For the lighting I am using a "EXO TERRA Repti-Glo 2.0, Full Spectrum Terrarium Lamp, Compact Fluorescent, 26W" which puts out 6700 K which i learned is perfect on here. But Temps are staying in the low 80's and the humidty is low. I know it is summer and i have air condition in my room. What can I do to fix this before i put froggies in there?


----------



## ConFuCiuZ (Jul 13, 2011)

Do you have the screen lid on top of tank? If you do then thats why ur humidty low. Try replacing it with a glass top or arcylic. Ppl have tried using seran wrap idk i that works though. Try elevating the light fixture so its like 3 inches off the tank. Try misting frequently so temp will drop down a few degress


----------



## WendySHall (Aug 31, 2010)

I agree...if you have a screen top, it definitely needs covered or replaced with a glass top. And...yes...seran wrap really works! I've used it before...taped on with duck tape...but it's a pain and you'll want to get a glass lid soon! Lol!

Also, if you can somehow raise your lights up off of the tank by a few inches, it should help lower your temps.

Edit: Don't get your frogs before you get your humidity and temp in check...these are a must!


----------



## varanoid (Jan 21, 2011)

WendySHall said:


> I agree...if you have a screen top, it definitely needs covered or replaced with a glass top.
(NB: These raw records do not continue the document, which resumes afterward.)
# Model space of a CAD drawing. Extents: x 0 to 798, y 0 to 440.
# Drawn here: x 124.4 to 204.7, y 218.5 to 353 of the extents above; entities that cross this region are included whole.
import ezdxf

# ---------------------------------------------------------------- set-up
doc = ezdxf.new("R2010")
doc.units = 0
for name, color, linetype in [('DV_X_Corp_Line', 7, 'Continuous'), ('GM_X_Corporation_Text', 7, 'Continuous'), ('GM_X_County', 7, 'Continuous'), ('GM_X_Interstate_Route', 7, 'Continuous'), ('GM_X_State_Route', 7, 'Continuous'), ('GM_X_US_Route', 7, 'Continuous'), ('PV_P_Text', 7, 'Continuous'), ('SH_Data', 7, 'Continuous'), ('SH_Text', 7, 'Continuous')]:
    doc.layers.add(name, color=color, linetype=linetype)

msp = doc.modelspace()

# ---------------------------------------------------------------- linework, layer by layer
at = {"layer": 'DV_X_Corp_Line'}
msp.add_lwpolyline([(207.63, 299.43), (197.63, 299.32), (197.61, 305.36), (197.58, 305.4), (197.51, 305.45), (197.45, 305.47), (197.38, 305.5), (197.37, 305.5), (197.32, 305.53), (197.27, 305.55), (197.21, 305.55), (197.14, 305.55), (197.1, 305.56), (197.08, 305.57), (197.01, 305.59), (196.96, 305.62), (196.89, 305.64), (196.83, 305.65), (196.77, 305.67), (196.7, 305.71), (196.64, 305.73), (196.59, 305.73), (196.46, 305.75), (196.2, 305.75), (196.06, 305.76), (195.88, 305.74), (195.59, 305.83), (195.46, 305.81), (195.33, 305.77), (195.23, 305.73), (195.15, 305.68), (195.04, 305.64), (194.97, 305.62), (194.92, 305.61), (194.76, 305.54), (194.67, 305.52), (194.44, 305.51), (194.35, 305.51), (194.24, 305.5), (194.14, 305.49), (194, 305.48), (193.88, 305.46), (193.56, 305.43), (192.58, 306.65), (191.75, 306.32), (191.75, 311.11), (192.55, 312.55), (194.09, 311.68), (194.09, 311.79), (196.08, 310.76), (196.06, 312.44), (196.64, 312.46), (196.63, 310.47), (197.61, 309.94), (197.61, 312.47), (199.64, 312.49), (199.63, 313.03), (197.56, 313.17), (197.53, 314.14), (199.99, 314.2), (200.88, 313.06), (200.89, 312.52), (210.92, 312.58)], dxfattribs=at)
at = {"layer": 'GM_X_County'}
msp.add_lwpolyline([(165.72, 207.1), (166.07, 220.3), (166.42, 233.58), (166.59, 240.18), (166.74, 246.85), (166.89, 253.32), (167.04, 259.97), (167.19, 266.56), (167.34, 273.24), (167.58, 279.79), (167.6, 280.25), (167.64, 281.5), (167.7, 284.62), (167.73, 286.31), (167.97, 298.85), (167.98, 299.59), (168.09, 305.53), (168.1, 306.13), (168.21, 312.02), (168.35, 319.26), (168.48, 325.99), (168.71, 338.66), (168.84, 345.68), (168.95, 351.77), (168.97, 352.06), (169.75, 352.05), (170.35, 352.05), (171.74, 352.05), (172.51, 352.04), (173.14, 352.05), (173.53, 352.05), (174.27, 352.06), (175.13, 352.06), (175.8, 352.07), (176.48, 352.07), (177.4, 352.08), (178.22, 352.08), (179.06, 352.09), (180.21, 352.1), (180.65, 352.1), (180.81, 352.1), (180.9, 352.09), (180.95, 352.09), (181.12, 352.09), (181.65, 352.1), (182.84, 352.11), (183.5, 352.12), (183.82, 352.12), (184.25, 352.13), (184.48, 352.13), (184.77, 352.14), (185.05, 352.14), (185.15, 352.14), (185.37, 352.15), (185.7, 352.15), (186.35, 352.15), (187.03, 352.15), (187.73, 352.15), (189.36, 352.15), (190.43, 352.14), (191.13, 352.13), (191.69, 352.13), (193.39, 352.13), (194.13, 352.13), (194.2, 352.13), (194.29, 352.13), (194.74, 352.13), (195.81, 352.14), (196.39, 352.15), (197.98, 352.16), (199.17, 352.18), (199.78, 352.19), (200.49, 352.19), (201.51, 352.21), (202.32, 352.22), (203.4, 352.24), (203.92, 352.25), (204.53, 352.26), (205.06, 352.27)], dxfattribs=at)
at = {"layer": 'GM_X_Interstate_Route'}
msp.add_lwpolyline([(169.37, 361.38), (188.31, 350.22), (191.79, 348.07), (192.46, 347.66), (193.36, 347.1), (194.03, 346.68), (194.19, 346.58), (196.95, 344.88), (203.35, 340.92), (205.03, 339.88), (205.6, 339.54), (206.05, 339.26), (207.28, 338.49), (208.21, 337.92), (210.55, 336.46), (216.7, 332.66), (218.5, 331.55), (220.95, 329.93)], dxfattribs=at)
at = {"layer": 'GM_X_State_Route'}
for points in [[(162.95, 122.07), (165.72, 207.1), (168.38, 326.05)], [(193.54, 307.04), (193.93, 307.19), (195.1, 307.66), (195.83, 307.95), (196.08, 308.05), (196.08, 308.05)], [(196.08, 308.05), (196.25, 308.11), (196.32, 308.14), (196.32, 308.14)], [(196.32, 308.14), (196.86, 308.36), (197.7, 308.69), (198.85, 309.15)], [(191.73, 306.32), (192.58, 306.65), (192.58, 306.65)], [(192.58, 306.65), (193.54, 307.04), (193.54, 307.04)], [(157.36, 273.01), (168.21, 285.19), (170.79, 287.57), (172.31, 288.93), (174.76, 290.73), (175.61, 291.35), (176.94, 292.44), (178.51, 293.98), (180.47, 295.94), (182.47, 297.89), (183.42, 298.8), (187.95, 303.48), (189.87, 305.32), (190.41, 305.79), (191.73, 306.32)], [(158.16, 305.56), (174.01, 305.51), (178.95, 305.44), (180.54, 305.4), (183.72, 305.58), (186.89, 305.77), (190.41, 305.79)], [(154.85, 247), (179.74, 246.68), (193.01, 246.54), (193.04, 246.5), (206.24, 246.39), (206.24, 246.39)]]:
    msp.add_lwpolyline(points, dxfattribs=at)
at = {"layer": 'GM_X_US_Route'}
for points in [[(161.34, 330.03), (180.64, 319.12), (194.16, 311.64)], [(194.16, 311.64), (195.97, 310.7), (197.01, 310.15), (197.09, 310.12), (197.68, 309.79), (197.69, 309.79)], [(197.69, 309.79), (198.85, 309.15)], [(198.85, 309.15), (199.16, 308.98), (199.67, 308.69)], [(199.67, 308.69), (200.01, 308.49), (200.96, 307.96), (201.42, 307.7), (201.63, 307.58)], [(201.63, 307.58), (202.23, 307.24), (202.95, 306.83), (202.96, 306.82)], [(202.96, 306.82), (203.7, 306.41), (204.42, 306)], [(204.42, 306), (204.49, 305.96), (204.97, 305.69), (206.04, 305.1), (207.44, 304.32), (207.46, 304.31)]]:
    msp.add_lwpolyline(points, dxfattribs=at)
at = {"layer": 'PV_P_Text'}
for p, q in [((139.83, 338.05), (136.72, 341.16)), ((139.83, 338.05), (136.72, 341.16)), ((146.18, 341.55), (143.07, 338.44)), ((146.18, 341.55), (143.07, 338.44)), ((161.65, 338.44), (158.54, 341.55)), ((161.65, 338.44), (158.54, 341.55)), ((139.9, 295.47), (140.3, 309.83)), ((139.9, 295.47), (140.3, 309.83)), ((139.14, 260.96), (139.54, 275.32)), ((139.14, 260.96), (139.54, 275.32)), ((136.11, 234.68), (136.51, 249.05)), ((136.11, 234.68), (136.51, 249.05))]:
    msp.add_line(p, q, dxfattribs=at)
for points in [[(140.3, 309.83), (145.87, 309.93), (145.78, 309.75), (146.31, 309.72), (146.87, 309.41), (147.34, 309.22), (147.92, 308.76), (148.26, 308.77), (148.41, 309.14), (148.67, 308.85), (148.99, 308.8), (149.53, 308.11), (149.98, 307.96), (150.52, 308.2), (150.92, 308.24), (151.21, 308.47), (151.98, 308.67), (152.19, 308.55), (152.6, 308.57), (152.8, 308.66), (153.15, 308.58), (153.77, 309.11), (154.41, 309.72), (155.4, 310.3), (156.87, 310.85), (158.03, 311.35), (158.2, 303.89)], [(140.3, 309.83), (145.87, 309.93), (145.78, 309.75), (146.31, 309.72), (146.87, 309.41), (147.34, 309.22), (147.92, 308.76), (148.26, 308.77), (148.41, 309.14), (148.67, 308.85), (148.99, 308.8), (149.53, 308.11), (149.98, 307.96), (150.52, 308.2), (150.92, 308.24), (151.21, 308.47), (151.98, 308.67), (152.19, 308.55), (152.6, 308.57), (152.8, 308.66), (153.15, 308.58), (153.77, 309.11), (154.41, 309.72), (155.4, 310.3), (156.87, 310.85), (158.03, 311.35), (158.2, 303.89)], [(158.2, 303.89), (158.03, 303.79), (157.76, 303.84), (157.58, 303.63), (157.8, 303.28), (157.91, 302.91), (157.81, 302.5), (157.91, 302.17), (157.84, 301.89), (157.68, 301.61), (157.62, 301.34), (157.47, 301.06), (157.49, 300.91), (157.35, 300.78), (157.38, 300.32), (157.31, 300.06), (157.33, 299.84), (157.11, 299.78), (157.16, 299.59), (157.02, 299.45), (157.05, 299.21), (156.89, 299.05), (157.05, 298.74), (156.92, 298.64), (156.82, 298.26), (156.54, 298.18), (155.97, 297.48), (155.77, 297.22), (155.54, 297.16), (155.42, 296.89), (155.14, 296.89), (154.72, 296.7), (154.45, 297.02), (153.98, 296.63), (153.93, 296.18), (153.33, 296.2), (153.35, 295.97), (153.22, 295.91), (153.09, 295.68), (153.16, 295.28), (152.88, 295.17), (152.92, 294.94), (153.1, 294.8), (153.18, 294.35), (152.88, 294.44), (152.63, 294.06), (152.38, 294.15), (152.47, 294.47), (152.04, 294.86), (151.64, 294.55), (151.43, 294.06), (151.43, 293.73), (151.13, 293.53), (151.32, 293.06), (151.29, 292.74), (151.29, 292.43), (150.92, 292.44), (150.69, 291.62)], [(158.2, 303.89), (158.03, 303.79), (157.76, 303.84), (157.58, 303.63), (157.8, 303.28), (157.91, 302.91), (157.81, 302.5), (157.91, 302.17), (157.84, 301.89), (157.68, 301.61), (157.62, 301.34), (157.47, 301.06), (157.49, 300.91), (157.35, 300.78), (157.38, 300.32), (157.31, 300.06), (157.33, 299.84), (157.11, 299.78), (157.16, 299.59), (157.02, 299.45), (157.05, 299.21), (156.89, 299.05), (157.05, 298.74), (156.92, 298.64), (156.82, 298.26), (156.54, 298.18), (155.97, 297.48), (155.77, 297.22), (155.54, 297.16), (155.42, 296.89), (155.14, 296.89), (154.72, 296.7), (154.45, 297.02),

And...yes...seran wrap really works! I've used it before...taped on with duck tape...but it's a pain and you'll want to get a glass lid soon! Lol!


Glass top is definately the way to go.



WendySHall said:


> Edit: Don't get your frogs before you get your humidity and temp in check...these are a must!


Couldn't agree more. Iron out any issues before introducing frogs.


----------



## Youngherp420 (May 3, 2011)

ConFuCiuZ said:


> Do you have the screen lid on top of tank? If you do then thats why ur humidty low. Try replacing it with a glass top or arcylic.


yes i have a screen lid
where could I get a glass top for a zoomed 12x12x top




WendySHall said:


> Also, if you can somehow raise your lights up off of the tank by a few inches, it should help lower your temps.


how am I able to do this 



WendySHall said:


> Don't get your frogs before you get your humidity and temp in check...these are a must!


 I am not planning on getting any frogs till the condition are okay dont worry


----------



## eldalote2 (Jun 3, 2009)

You can even use clear packing tape on the outside (does not come in contact with frogs) of the screen for the time being. One strip slightly overlaid by the next one until its covered. Very easy and cheap. 

You can prop the light up on something, set small feet under it, or make a tiny "table" out of eggcrate and set the light up on it away from direct contact with the screen.


----------



## eldalote2 (Jun 3, 2009)

Better yet, put something across the top of those two 10 gallon verts like a bridge and set the light on top of that.


----------



## ConFuCiuZ (Jul 13, 2011)

Youngherp420 said:


> yes i have a screen lid
> where could I get a glass top for a zoomed 12x12x top
> 
> You can go to your local glass shop and ask for them to cut a 12x12 glass square. I dont own a exo terra cage, but does it have a lip for the glass to sit on? Members on this forum have replace the screen lid for glass, so if you want search this forum.


----------



## deboardfam (Feb 7, 2011)

Yeah just measure and have glass cut at lowes.. would be just a couple bucks.


----------



## Youngherp420 (May 3, 2011)

eldalote2 said:


> Better yet, put something across the top of those two 10 gallon verts like a bridge and set the light on top of that.



thats sounds like great idea. thanks 



ConFuCiuZ said:


> You can go to your local glass shop and ask for them to cut a 12x12 glass square. I dont own a exo terra cage, but does it have a lip for the glass to sit on? Members on this forum have replace the screen lid for glass, so if you want search this forum.


i think i will now 



deboardfam said:


> Yeah just measure and have glass cut at lowes.. would be just a couple bucks.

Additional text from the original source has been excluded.